Good morning/evening/night everyone!.

First of all, I want to apologize as i'm not a native speaker and i'm also a shitty writer, so this might be confusing or bad explained, i will try to be clear but sorry if somethings weird, (also I'm new here, sorry if this is not the place to post this aa). 

 

Anyways, I first heard about tulpas from horror stories some years ago, I read some random guide then but i was young and scared that something bad could actually happen, and eventually i forgot about it. Like 1 or 2 weeks ago a heard about tulpas from another horror story, but this time it got my attention, I didn't believed in the story anymore but i was curious what they were and how they worked in reallity, so i did some research, I've practically spend those whole weeks reading about tulpas (mostly in this same forum) and also reading a lot of different guides, answering my questions etc, and after thinking and re-thinking, I've decided that i'm going to make one, but only one and in any case, wait untill he is sentient and we both would decide what to do next.
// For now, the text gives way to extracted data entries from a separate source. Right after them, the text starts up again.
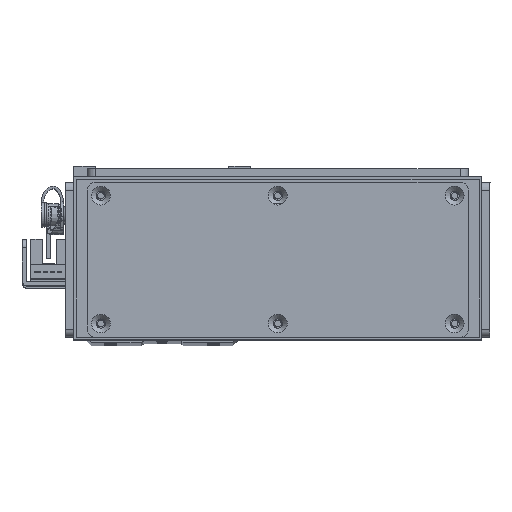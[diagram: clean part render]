
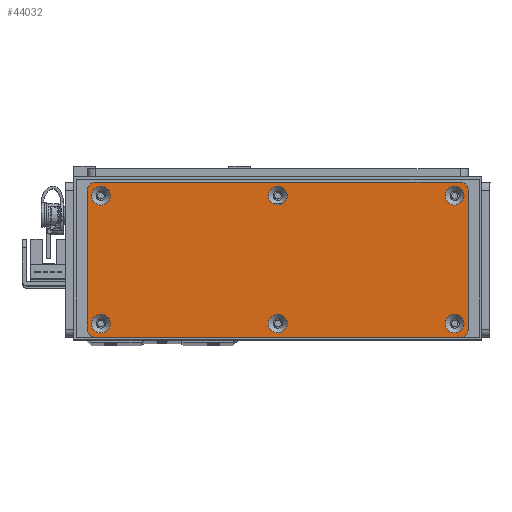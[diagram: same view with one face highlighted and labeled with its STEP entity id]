
A CAD part, top view. The second image highlights one B-rep face of the part: STEP entity #44032.
In plain terms, the highlighted planar face has unit normal (0, 0, 1).
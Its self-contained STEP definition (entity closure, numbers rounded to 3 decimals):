
#1465=FACE_BOUND('',#6631,.T.);
#1466=FACE_BOUND('',#6632,.T.);
#1467=FACE_BOUND('',#6633,.T.);
#1468=FACE_BOUND('',#6634,.T.);
#1469=FACE_BOUND('',#6635,.T.);
#1470=FACE_BOUND('',#6636,.T.);
#2039=PLANE('',#47489);
#4034=FACE_OUTER_BOUND('',#6630,.T.);
#6630=EDGE_LOOP('',(#34077,#34078,#34079,#34080,#34081,#34082,#34083,#34084));
#6631=EDGE_LOOP('',(#34085));
#6632=EDGE_LOOP('',(#34086));
#6633=EDGE_LOOP('',(#34087));
#6634=EDGE_LOOP('',(#34088));
#6635=EDGE_LOOP('',(#34089));
#6636=EDGE_LOOP('',(#34090));
#9618=LINE('',#66973,#14494);
#9621=LINE('',#66981,#14497);
#9624=LINE('',#66989,#14500);
#9627=LINE('',#66996,#14503);
#14494=VECTOR('',#53896,10.);
#14497=VECTOR('',#53905,10.);
#14500=VECTOR('',#53914,10.);
#14503=VECTOR('',#53923,10.);
#18873=CIRCLE('',#47443,3.45);
#18876=CIRCLE('',#47448,3.45);
#18879=CIRCLE('',#47453,3.45);
#18882=CIRCLE('',#47458,3.45);
#18885=CIRCLE('',#47463,3.45);
#18888=CIRCLE('',#47468,3.45);
#18895=CIRCLE('',#47478,3.);
#18896=CIRCLE('',#47481,3.);
#18897=CIRCLE('',#47484,3.);
#18898=CIRCLE('',#47487,3.);
#20730=VERTEX_POINT('',#66889);
#20733=VERTEX_POINT('',#66899);
#20736=VERTEX_POINT('',#66909);
#20739=VERTEX_POINT('',#66919);
#20742=VERTEX_POINT('',#66929);
#20745=VERTEX_POINT('',#66939);
#20756=VERTEX_POINT('',#66966);
#20757=VERTEX_POINT('',#66968);
#20758=VERTEX_POINT('',#66972);
#20759=VERTEX_POINT('',#66976);
#20760=VERTEX_POINT('',#66980);
#20761=VERTEX_POINT('',#66984);
#20762=VERTEX_POINT('',#66988);
#20763=VERTEX_POINT('',#66992);
#25620=EDGE_CURVE('',#20730,#20730,#18873,.T.);
#25625=EDGE_CURVE('',#20733,#20733,#18876,.T.);
#25630=EDGE_CURVE('',#20736,#20736,#18879,.T.);
#25635=EDGE_CURVE('',#20739,#20739,#18882,.T.);
#25640=EDGE_CURVE('',#20742,#20742,#18885,.T.);
#25645=EDGE_CURVE('',#20745,#20745,#18888,.T.);
#25659=EDGE_CURVE('',#20757,#20756,#18895,.T.);
#25661=EDGE_CURVE('',#20758,#20757,#9618,.T.);
#25663=EDGE_CURVE('',#20759,#20758,#18896,.T.);
#25665=EDGE_CURVE('',#20760,#20759,#9621,.T.);
#25667=EDGE_CURVE('',#20761,#20760,#18897,.T.);
#25669=EDGE_CURVE('',#20762,#20761,#9624,.T.);
#25671=EDGE_CURVE('',#20763,#20762,#18898,.T.);
#25673=EDGE_CURVE('',#20756,#20763,#9627,.T.);
#34077=ORIENTED_EDGE('',*,*,#25673,.T.);
#34078=ORIENTED_EDGE('',*,*,#25671,.T.);
#34079=ORIENTED_EDGE('',*,*,#25669,.T.);
#34080=ORIENTED_EDGE('',*,*,#25667,.T.);
#34081=ORIENTED_EDGE('',*,*,#25665,.T.);
#34082=ORIENTED_EDGE('',*,*,#25663,.T.);
#34083=ORIENTED_EDGE('',*,*,#25661,.T.);
#34084=ORIENTED_EDGE('',*,*,#25659,.T.);
#34085=ORIENTED_EDGE('',*,*,#25620,.T.);
#34086=ORIENTED_EDGE('',*,*,#25625,.T.);
#34087=ORIENTED_EDGE('',*,*,#25630,.T.);
#34088=ORIENTED_EDGE('',*,*,#25635,.T.);
#34089=ORIENTED_EDGE('',*,*,#25640,.T.);
#34090=ORIENTED_EDGE('',*,*,#25645,.T.);
#44032=ADVANCED_FACE('',(#4034,#1465,#1466,#1467,#1468,#1469,#1470),#2039,
 .T.);
#47443=AXIS2_PLACEMENT_3D('',#66890,#53804,#53805);
#47448=AXIS2_PLACEMENT_3D('',#66900,#53816,#53817);
#47453=AXIS2_PLACEMENT_3D('',#66910,#53828,#53829);
#47458=AXIS2_PLACEMENT_3D('',#66920,#53840,#53841);
#47463=AXIS2_PLACEMENT_3D('',#66930,#53852,#53853);
#47468=AXIS2_PLACEMENT_3D('',#66940,#53864,#53865);
#47478=AXIS2_PLACEMENT_3D('',#66969,#53891,#53892);
#47481=AXIS2_PLACEMENT_3D('',#66977,#53900,#53901);
#47484=AXIS2_PLACEMENT_3D('',#66985,#53909,#53910);
#47487=AXIS2_PLACEMENT_3D('',#66993,#53918,#53919);
#47489=AXIS2_PLACEMENT_3D('',#66997,#53924,#53925);
#53804=DIRECTION('center_axis',(0.,0.,-1.));
#53805=DIRECTION('ref_axis',(1.,0.,0.));
#53816=DIRECTION('center_axis',(0.,0.,-1.));
#53817=DIRECTION('ref_axis',(1.,0.,0.));
#53828=DIRECTION('center_axis',(0.,0.,-1.));
#53829=DIRECTION('ref_axis',(1.,0.,0.));
#53840=DIRECTION('center_axis',(0.,0.,-1.));
#53841=DIRECTION('ref_axis',(1.,0.,0.));
#53852=DIRECTION('center_axis',(0.,0.,-1.));
#53853=DIRECTION('ref_axis',(1.,0.,0.));
#53864=DIRECTION('center_axis',(0.,0.,-1.));
#53865=DIRECTION('ref_axis',(1.,0.,0.));
#53891=DIRECTION('center_axis',(0.,0.,1.));
#53892=DIRECTION('ref_axis',(0.,1.,0.));
#53896=DIRECTION('',(-1.,0.,0.));
#53900=DIRECTION('center_axis',(0.,0.,1.));
#53901=DIRECTION('ref_axis',(1.,0.,0.));
#53905=DIRECTION('',(0.,1.,0.));
#53909=DIRECTION('center_axis',(0.,0.,1.));
#53910=DIRECTION('ref_axis',(0.,-1.,0.));
#53914=DIRECTION('',(1.,0.,0.));
#53918=DIRECTION('center_axis',(0.,0.,1.));
#53919=DIRECTION('ref_axis',(-1.,0.,0.));
#53923=DIRECTION('',(0.,-1.,0.));
#53924=DIRECTION('center_axis',(0.,0.,1.));
#53925=DIRECTION('ref_axis',(1.,0.,0.));
#66889=CARTESIAN_POINT('',(-3.45,23.5,1.5));
#66890=CARTESIAN_POINT('Origin',(0.,23.5,1.5));
#66899=CARTESIAN_POINT('',(61.55,-23.5,1.5));
#66900=CARTESIAN_POINT('Origin',(65.,-23.5,1.5));
#66909=CARTESIAN_POINT('',(-68.45,23.5,1.5));
#66910=CARTESIAN_POINT('Origin',(-65.,23.5,1.5));
#66919=CARTESIAN_POINT('',(61.55,23.5,1.5));
#66920=CARTESIAN_POINT('Origin',(65.,23.5,1.5));
#66929=CARTESIAN_POINT('',(-68.45,-23.5,1.5));
#66930=CARTESIAN_POINT('Origin',(-65.,-23.5,1.5));
#66939=CARTESIAN_POINT('',(-3.45,-23.5,1.5));
#66940=CARTESIAN_POINT('Origin',(0.,-23.5,1.5));
#66966=CARTESIAN_POINT('',(-70.,25.5,1.5));
#66968=CARTESIAN_POINT('',(-67.,28.5,1.5));
#66969=CARTESIAN_POINT('Origin',(-67.,25.5,1.5));
#66972=CARTESIAN_POINT('',(67.,28.5,1.5));
#66973=CARTESIAN_POINT('',(67.,28.5,1.5));
#66976=CARTESIAN_POINT('',(70.,25.5,1.5));
#66977=CARTESIAN_POINT('Origin',(67.,25.5,1.5));
#66980=CARTESIAN_POINT('',(70.,-25.5,1.5));
#66981=CARTESIAN_POINT('',(70.,-25.5,1.5));
#66984=CARTESIAN_POINT('',(67.,-28.5,1.5));
#66985=CARTESIAN_POINT('Origin',(67.,-25.5,1.5));
#66988=CARTESIAN_POINT('',(-67.,-28.5,1.5));
#66989=CARTESIAN_POINT('',(-67.,-28.5,1.5));
#66992=CARTESIAN_POINT('',(-70.,-25.5,1.5));
#66993=CARTESIAN_POINT('Origin',(-67.,-25.5,1.5));
#66996=CARTESIAN_POINT('',(-70.,25.5,1.5));
#66997=CARTESIAN_POINT('Origin',(0.,0.,
1.5));

And it's been 3 days since our first session, there's crearly been not so much progress yet, other than feeling some kind of pressure in my chest and a weird feeling, like happiness mixed with excitement, idk. I also sometimes hear a voice saying something that i didn't Consciously though about. I know many people would say "oh it's your tulpa, he's probably the fast-progress type" but no, i'm getting there in a moment. It is true that i believe that Damián and i will progress quickly as i'm sure i saw him do slight movement on his own already, and probably he's the reason of the pressure and the weird feeling, but i'm unsure about the voices, and again i'm sorry if this gets confusing.

 

I'm what i think it's called an "Inmersive Daydreamer" I live my whole life daydreaming, I didn't had a good childhood and daydreaming was my way of hiding from the bad stuff, they were always about series/videogames i liked, so I always used pre-existing characters and stories to create my own in my mind, I never was part of them, and never added my own chars or if i did, they were secondary. The daydreams weren't always the same and never followed a lineal story, once I got bored with certain topic i do severals "what if?" changing the protagonist, the ambience, creating different outcomes of certain event etc, and finally changing everything when I found a new game that i liked more. And no, I don't have the Maladaptive Daydreaming thing, I dont remember my dreams ever interfering with my daily life, or at least not in the present, I control them pretty well and i actually dream a lot while doing other activities like drawing or homework and it helps me to not get too streesed with it.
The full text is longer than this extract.